Would you go through the records below and copy each line with the string "Chain"?

Start of Given records

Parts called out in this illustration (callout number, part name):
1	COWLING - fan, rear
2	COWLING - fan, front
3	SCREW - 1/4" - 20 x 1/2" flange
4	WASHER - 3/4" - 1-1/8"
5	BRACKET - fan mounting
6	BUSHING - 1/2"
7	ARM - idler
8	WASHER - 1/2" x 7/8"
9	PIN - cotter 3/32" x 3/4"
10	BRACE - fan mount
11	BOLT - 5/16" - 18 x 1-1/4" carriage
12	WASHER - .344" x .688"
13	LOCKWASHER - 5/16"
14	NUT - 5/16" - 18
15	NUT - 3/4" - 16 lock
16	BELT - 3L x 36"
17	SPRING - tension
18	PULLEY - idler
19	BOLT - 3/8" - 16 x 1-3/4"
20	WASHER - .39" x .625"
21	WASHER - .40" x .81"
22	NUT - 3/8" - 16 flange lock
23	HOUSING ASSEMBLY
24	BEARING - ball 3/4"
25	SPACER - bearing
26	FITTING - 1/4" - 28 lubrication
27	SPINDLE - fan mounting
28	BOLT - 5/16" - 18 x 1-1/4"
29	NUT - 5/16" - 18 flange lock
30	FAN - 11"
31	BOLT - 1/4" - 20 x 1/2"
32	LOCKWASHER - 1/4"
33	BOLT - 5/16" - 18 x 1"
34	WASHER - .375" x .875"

End of Given records
Start of Given records

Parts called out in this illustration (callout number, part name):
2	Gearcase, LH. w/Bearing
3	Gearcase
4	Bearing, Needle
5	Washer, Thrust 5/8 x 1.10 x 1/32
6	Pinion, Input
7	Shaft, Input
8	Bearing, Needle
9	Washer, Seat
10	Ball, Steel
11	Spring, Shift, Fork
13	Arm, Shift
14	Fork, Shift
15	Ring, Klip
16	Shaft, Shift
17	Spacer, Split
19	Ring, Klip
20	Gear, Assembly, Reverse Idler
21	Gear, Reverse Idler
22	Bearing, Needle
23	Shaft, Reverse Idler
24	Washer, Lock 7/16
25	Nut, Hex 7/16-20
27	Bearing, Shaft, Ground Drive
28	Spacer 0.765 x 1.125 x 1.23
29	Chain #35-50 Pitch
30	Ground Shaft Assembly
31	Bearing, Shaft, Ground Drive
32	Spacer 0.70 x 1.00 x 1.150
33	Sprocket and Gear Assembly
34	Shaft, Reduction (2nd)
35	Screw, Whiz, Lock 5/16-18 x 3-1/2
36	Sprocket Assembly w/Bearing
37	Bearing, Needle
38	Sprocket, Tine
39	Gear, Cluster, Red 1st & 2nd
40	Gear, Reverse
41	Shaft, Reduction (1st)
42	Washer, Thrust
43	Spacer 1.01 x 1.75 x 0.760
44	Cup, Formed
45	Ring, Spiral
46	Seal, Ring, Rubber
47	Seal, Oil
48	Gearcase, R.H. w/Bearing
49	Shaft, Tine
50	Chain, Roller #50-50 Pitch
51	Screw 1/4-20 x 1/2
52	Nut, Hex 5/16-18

End of Given records

_Solution:_
29	Chain #35-50 Pitch
50	Chain, Roller #50-50 Pitch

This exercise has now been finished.